▶
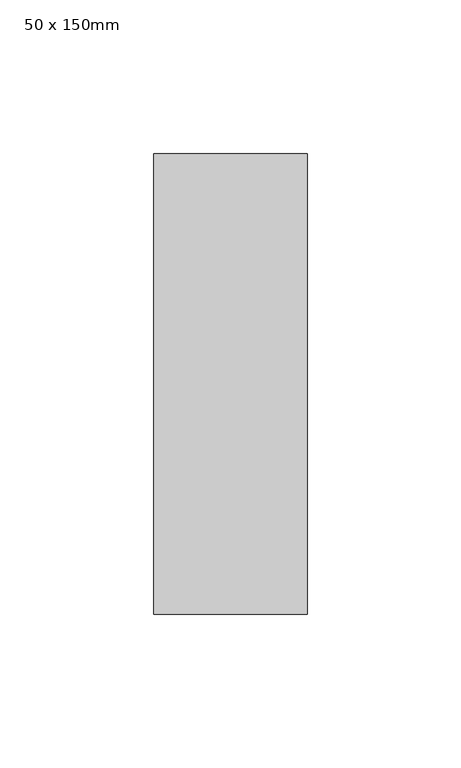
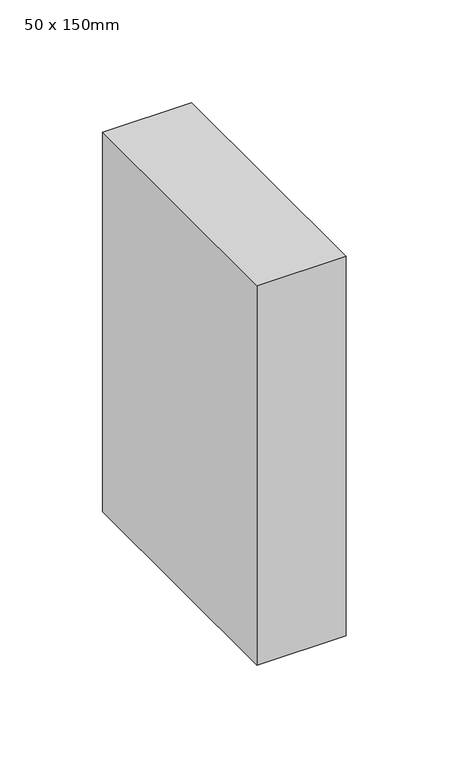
"""IFC4 building model written with IfcOpenShell, lengths in millimetres: member geometry, Прямоугольный импост : 50 x 150mm."""

from ifc_helpers import new_model, si_unit, frame, origin, place, context, project, spatial, polyline, outline, extrude, source, transform, mapped, element, save


def member_50_x_150mm_a08a6a8c(model_context):
    return source(origin(), model_context, "Body", "SweptSolid", [
        extrude(outline(polyline([(0.0, 75.0), (0.0, -75.0), (-50.0, -75.0), (-50.0, 75.0), (0.0, 75.0)])), frame((0.0, 0.0, -225.25), z_axis=(0.0, 0.0, 1.0), x_axis=(1.0, 0.0, 0.0)), (0.0, 0.0, 1.0), 225.25),
    ])


if __name__ == "__main__":
    model = new_model("IFC4")
    model_context = context("Model", 3, world=origin())
    ifc_project = project(units=[si_unit("LENGTHUNIT", "METRE", prefix="MILLI")], contexts=[model_context])
    site = spatial("IfcSite", under=ifc_project)
    building = spatial("IfcBuilding", under=site)
    placement = place(None, origin())
    member_50_x_150mm_shape = member_50_x_150mm_a08a6a8c(model_context)
    element("IfcMember", 1, ObjectType="Прямоугольный импост : 50 x 150mm", at=placement, inside=building, context=model_context, shape_type="MappedRepresentation", body=[
        mapped(member_50_x_150mm_shape, transform((0.0, 0.0, 0.0), x_axis=(1.0, 0.0, 0.0), y_axis=(0.0, 1.0, 0.0), z_axis=(0.0, 0.0, 1.0))),
    ])
    save(model, "model.ifc")
◀
Gather every line from the listing above in which "origin" appears, and copy those lines.

from ifc_helpers import new_model, si_unit, frame, origin, place, context, project, spatial, polyline, outline, extrude, source, transform, mapped, element, save
    return source(origin(), model_context, "Body", "SweptSolid", [
    model_context = context("Model", 3, world=origin())
    placement = place(None, origin())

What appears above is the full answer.